La gente memorable de la calle Cristo

    Vengo de un grupo particular cuyos miembros, de haber estudiado juntos, hubiésemos travestido a algún maestro o incendiado algún aula. No es importante cómo los conocí. Los pájaros volando nos topamos. Somos, desde hace años ya, una bandada multicolor altisonante, que no se junta para nada bueno y mucho menos para citas no documentables. 

    Voy a decir sus nombres, y lo anuncio con toda la pompa, porque casi nunca nos hemos llamado entre nosotras así. «Hermana» y «esta niña» son los vocativos menos injuriosos que nos dispensamos. Amed, Yoel Rainer y Lisandra: las tres son unas vulgares. Dicen más pingas y cojones que Chocolate MC drogado en una directa de Facebook, y no esconden ni el recuerdo de una paja, ni un grano ciego al lado del bollo. Pero son las tres vulgares más elaboradas y sinceras que he conocido. Si les das una copa de vino, puede que se les afrancese el acento. Pero si no hay vino, echan el ron de a litro, la saramascaya, en el primer vaso de la bóveda espiritual más cercana y se lo toman como si fueran albañiles después de fundir una placa. 

    Amed es la más correcta, la única de las tres que se deja crecer los pelos de la cara. Ha vivido sus 27 años en un amplísimo apartamento en los altos de la calle Cristo, entre Muralla y Teniente Rey. Esa, la casa suya y de Delma, su madre —un pájaro equivocado más—, se ha convertido, gracias a la seductora anchura, que nos seduce cual escenario, en nuestra guarida amada, en la escena de nuestros más lujosos crímenes artísticos y pajarezcos. Aunque Amed grita más que todas nosotras cuando se lo propone, porque es la verdadera tenor, creo que es la más comedida. Es la única que en ocasiones manda callar. En un aula hubiese podido ser jefa de destacamento. Fácilmente. 

    Amed / Foto: Marcos Antonio Fernández

    Un sábado carnavales o un miércoles sin gloria alguna cosechada, solo si es después de medianoche, puede empezar alguna borrachera nuestra. Luego de los primeros dos buches, a todas, menos a ella, nos importa muy poco la anciana que vive debajo. Bailamos siempre, y marcamos tan fuerte el paso que pareciera que anduviésemos buscando dejar huellas en la historia de la pajarería cubana moderna. «¡Aggayú!», nos grita Amed, y todas entendemos que estamos abatiendo el suelo con la tenacidad escandalosa del orisha dueño de los volcanes. «Ya mami, ya. No volverá a pasar», le mentimos descaradamente.

    Pero Amed, a pesar de sus intentos repetidos por llevarnos al orden, también se enamora del caos, de la bulla, del glamour de negra de calle Cristo que lleva por dentro de su piel harta en tatuajes.
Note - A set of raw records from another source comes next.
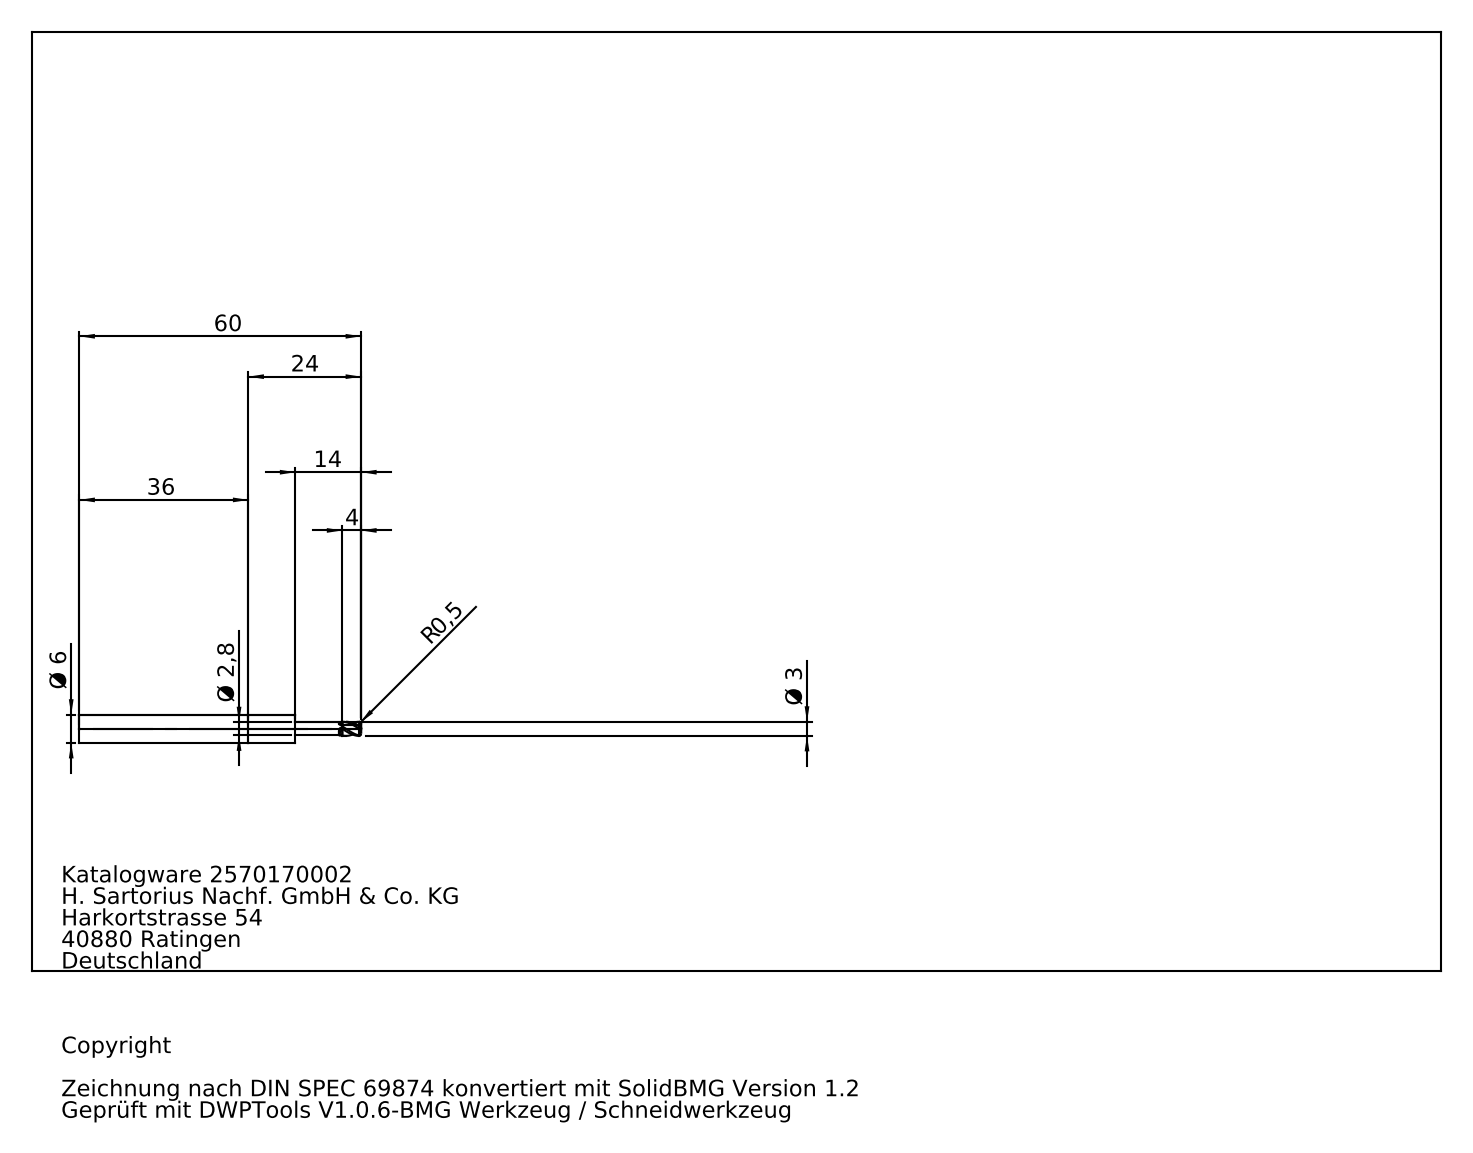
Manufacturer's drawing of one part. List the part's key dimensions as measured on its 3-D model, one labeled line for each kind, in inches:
Part name (STEP PRODUCT): 2570170002
STEP written by: SolidWorks 2010 (AUTOMOTIVE_DESIGN)
Units: inches
Bodies: 2 solids, 59 faces (15 planar, 17 cylindrical, 27 other)
Overall size (bounding box): 2.362 × 0.236 × 0.236
Volume: 0.084 in³ · Surface area: 1.703 in²
Round holes (diameter × count): ⌀0.071 ×1
Round bosses / shafts (diameter × count): ⌀0.236 ×1, ⌀0.118 ×1, ⌀0.11 ×1
Main face-to-face distances: 1.811, 2.343, 0.531, 2.205, 0.394, 0.138, 2.362, 0.551, 0.157, 0.019
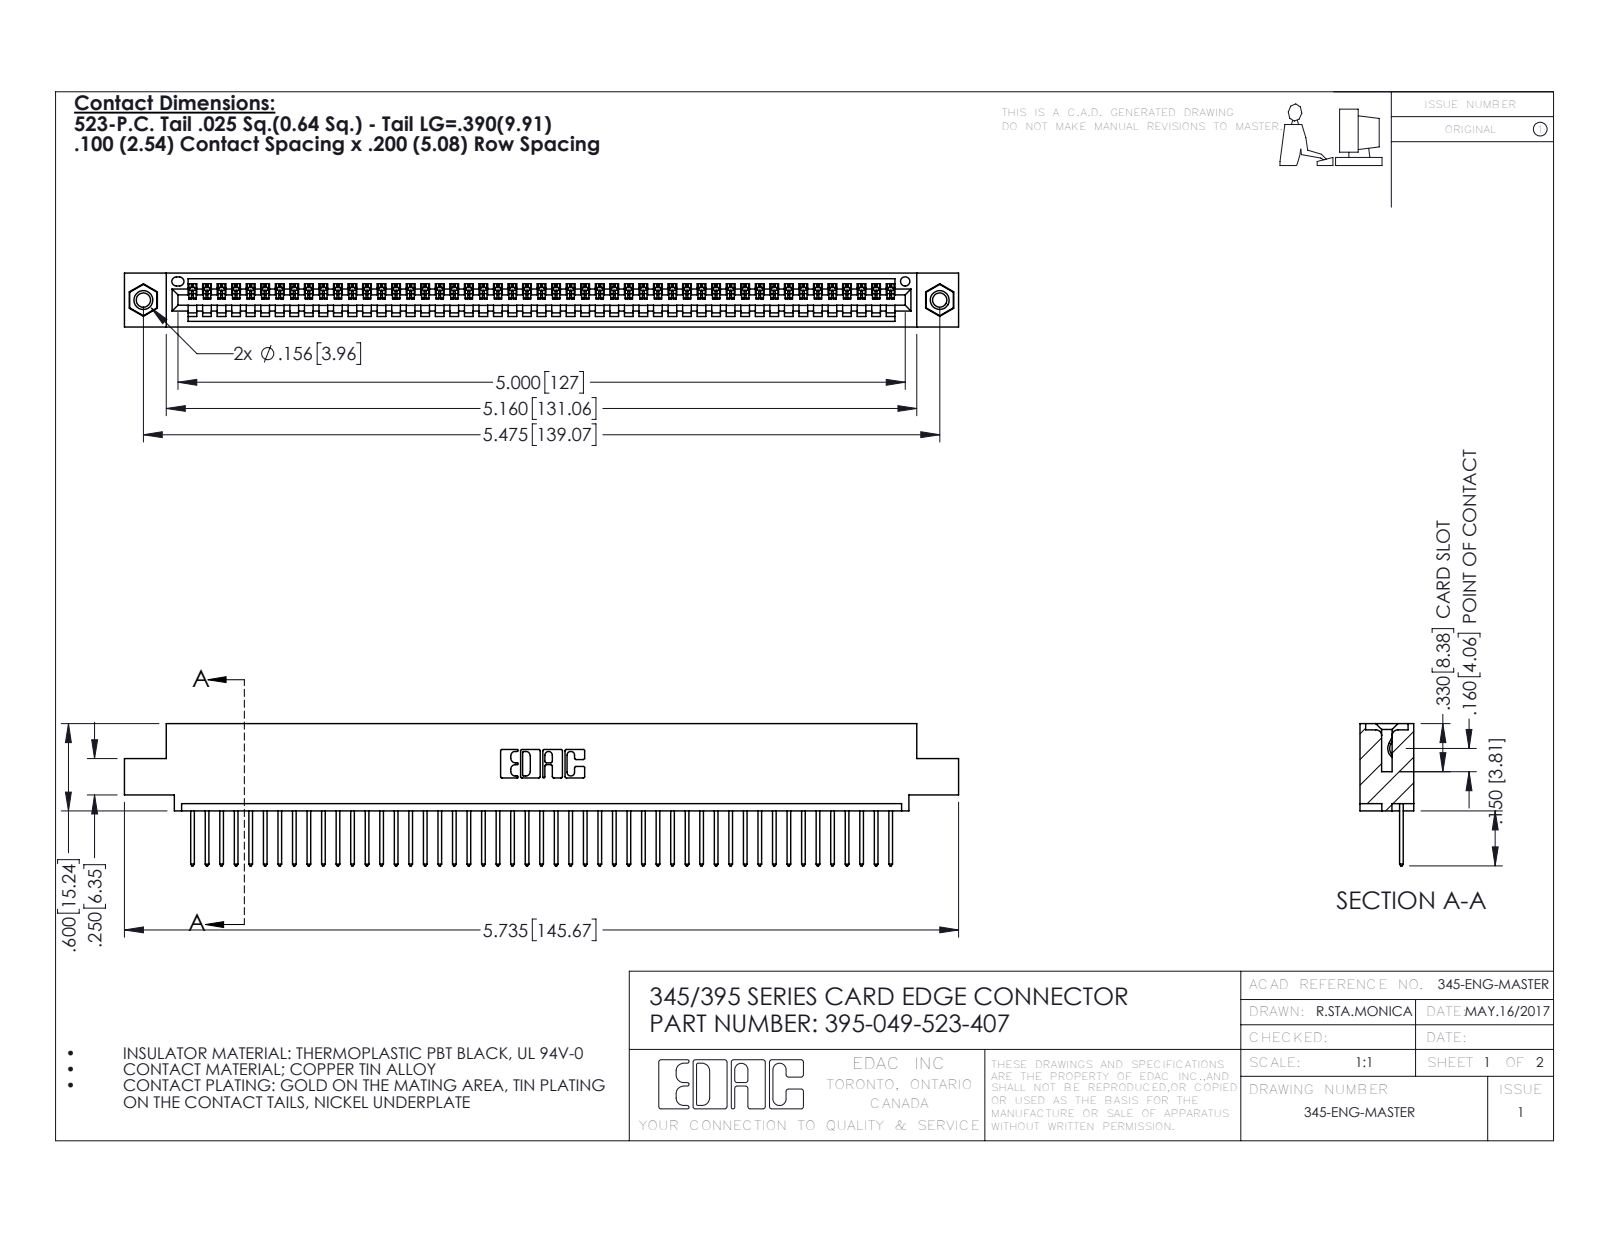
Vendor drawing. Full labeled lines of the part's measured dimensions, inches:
Part name (STEP PRODUCT): 345-250-001_345-250-005-103; 345-292-001_345-293-123; 345 Part_0.110 Offset - 0.156 Dia-TI; 395-049-523-407
STEP written by: SolidWorks 2016 (CONFIG_CONTROL_DESIGN)
Units: inches
Bodies: 52 solids, 3032 faces (2076 planar, 940 cylindrical, 16 other)
Overall size (bounding box): 5.735 × 0.977 × 0.37
Volume: 0.841 in³ · Surface area: 28.81 in²
Round holes (diameter × count): ⌀0.098 ×2, ⌀0.125 ×2, ⌀0.156 ×2, ⌀0.064 ×1
Round bosses / shafts (diameter × count): ⌀0.155 ×2
Partial cylindrical surfaces — rounded edges, fillets, slot ends (radius × count): R0.006 ×98, R0.01 ×98, R0.01 ×22, R0.007 ×6, R0.031 ×6, R0.026 ×3, R0.031 ×2, R0.04 ×2
Main face-to-face distances: 0.072, 0.298, 0.37, 0.2, 0.098, 0.272, 0.025, 0.225, 0.149, 0.072
Hole centre spacings: 0.27, 5.239, 5.475

Sí, porque le dio por eso. Ahora se hizo una golondrina en la espalda. Grandísima. Le coge la espalda completa. Esa golondrina está a la vista solo para nosotras, sus amigas; nunca para la gente de la calle, ni mucho menos su público del Parisien o de alguno de los clubes nocturnos en donde habitualmente canta.

    Amed / Foto: Marcos Antonio Fernández

    Cuando Amed sube a los escenarios, se pone esas blusas de señora fina que no sabemos de dónde saca, una de esas subestimadas que caza en las más intrincadas ventas de garaje. Telas de terciopelo, con colores ochenteros y texturas repletas en encajes. Allí no se le ve la golondrina, ni ninguno de sus más de 20 tatuajes. En esos momentos solo se le ve una cosa, por encima de su talento y de 50 minutos de maquillaje. No encontré, sino en griego antiguo, una palabra para describirlo. Basileia: el reinado, y a su vez, la realeza digna de los dioses.

    Amed, en la escena, es regente del buen gusto y la elegancia. Se hace más alto desde la tarima, porque se yergue muy por encima de las expectativas depositadas en él. Mientras canta, preferentemente en inglés, se sabe deseado: por los hombres, por las mujeres, por los más rigurosos empresarios de la moda y por los primerísimos productores de la industria del pop. Inunda con su sensualidad la habitación en la que actúa, pero todos le miran, y saben que, como reina, es belleza solo de vidriera. Llega al do de la quinta octava como si la nota quedara a pocos centímetros de cualquier esófago, y lo hace con la misma galantería con que nos prepara café un sábado carnavalesco o un miércoles sin gloria cosechada, solo pasada la medianoche.

    Amed regresa del trabajo y lanza con un bello amaneramiento sus tacones de mujer. Caen en distintos lugares del cuarto. Uno de ellos, cerca de su ropero, que parece, más que un ropero, la aglomeración de perchas de un matrimonio heterosexual cualquiera. El otro, boca arriba, quedará esperando a un próximo fin de semana para que su dueño lo reclame, a menos que Yoel Rainel, su marido, o su mujer —aquí nadie sabe nada—, lo rescate para un travestismo casero.

    Yoel Rainel / Foto: Marcos Antonio Fernández

    Yoel, una vez deshecho Amed de toda la indumentaria nochera, asume telares femeninos del tan mentado clóset. Y es que sabe lo que toca una vez que me ha visto entrar. Son pasadas las doce, y es sábado carnavalesco o miércoles sin gloria alguna cosechada. Ahora ha de comenzar el verdadero show, y él, tan varonil en sus horas previas, dará paso a Lourdes o a otra cualquiera de sus alter ego señoriales. 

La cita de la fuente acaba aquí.